GIVEN RECORDS section start

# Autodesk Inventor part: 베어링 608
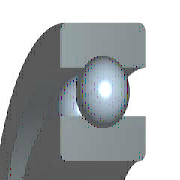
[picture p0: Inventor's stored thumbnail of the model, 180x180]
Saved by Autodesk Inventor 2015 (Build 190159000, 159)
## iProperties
IsCustomPart: 1
Created: 2012-02
Part Number: 베어링 608
Material: 강철, 연강
Description: 깊은 그루브 볼 베어링
Document SubType Name: Modeling
Standard: KS B 2023
Designer: mduedu
Standards Organization: KS
Language: ko-KR
Size Designation: 608 - 8 x 22 x 7
Categories: <MemberInstance><Categories><Category DisplayName="샤프트 부품" InternalName="7f7aeb1f-a693-4053-b835-cee3144e0d98" Mnemonic="SHFT"><Category DisplayName="베어링" Inter
Density: 7.85 g/cm^3
Appearance: 주황색
Mass: 12.145 g
Surface Area: 20.0754 cm^2
Volume: 1.54714 cm^3
Author: mduedu
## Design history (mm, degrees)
sketch "스케치" dims "d0" = 3.64 (= -0.26 x WD + 0.26 x BD)
  geometry: L1 (1.68, 7.5)-(5.32, 7.5); L2 (3.5, 7.5)-(3.5, 5.68); L3 (3.5, 7.5)-(3.5, 9.32); L4 (2.148, 6.282)-(0, 6.282); L5 (0, 4)-(7, 4); L6 (2.148, 8.718)-(0, 8.718); L7 (0, 11)-(7, 11); L8 (7, 4)-(7, 6.282); L9 (4.852, 6.282)-(7, 6.282); L10 (4.852, 8.718)-(7, 8.718); L11 (7, 11)-(7, 8.718); L12 (-1.4, 0)-(8.4, 0) reference; L13 (0, -0.3)-(0, 5.3) reference
  constraints: 22 end point, 4 point on line, 2 collinear, 2 perpendicular, 2 symmetric about line, 1 midpoint, 1 parallel, 14 other
  dimensions: "d9" = 8 diameter of L5 L12 (= WD); "d11" = 22 diameter of L7 L12 (= BD); "d12" = 7 distance between parallel lines of L8 L13 (= KB); "d13" = 12.564 diameter of L9 L12 (= 0.326 x BD + 0.674 x WD)
revolve "본체" stored, may be unused: angle "d6" = 90 deg
revolve "볼" stored, may be unused: angle "d7" = 90 deg
pattern_circular "IDS_ARRAYBALL[SIMPL:T]" dims angle "d3" = 360 deg
body "Solid1"
fillet "모깎기1" dims "d1" = 0.3 (= KRS)
other parameters: "WD" = 8 [user parameter; used in 5 equation terms], "BD" = 22 [user parameter; used in 5 equation terms], "KB" = 7 [user parameter; used in 1 equation term], "KRS" = 0.3 [user parameter; used in 1 equation term], "d4" = 0, "d5" = 0, "d8" = 0, "d14" = 0, "d15" = 0, "BBA" = 0 [user parameter], "BC0" = 1370000 [user parameter], "BC" = 3250000 [user parameter], "BR" = 11 (= 0.5 x BD) [user parameter], "WR" = 4 (= 0.5 x WD) [user parameter]

GIVEN RECORDS section end

**WORK TO BE COMPLETED:**
The answer should hold the lines from the one containing "0.3 (= KRS)" through the end of the entries above, set down exactly, with both ends included.

**RESULT OF THIS TASK:**
fillet "모깎기1" dims "d1" = 0.3 (= KRS)
other parameters: "WD" = 8 [user parameter; used in 5 equation terms], "BD" = 22 [user parameter; used in 5 equation terms], "KB" = 7 [user parameter; used in 1 equation term], "KRS" = 0.3 [user parameter; used in 1 equation term], "d4" = 0, "d5" = 0, "d8" = 0, "d14" = 0, "d15" = 0, "BBA" = 0 [user parameter], "BC0" = 1370000 [user parameter], "BC" = 3250000 [user parameter], "BR" = 11 (= 0.5 x BD) [user parameter], "WR" = 4 (= 0.5 x WD) [user parameter]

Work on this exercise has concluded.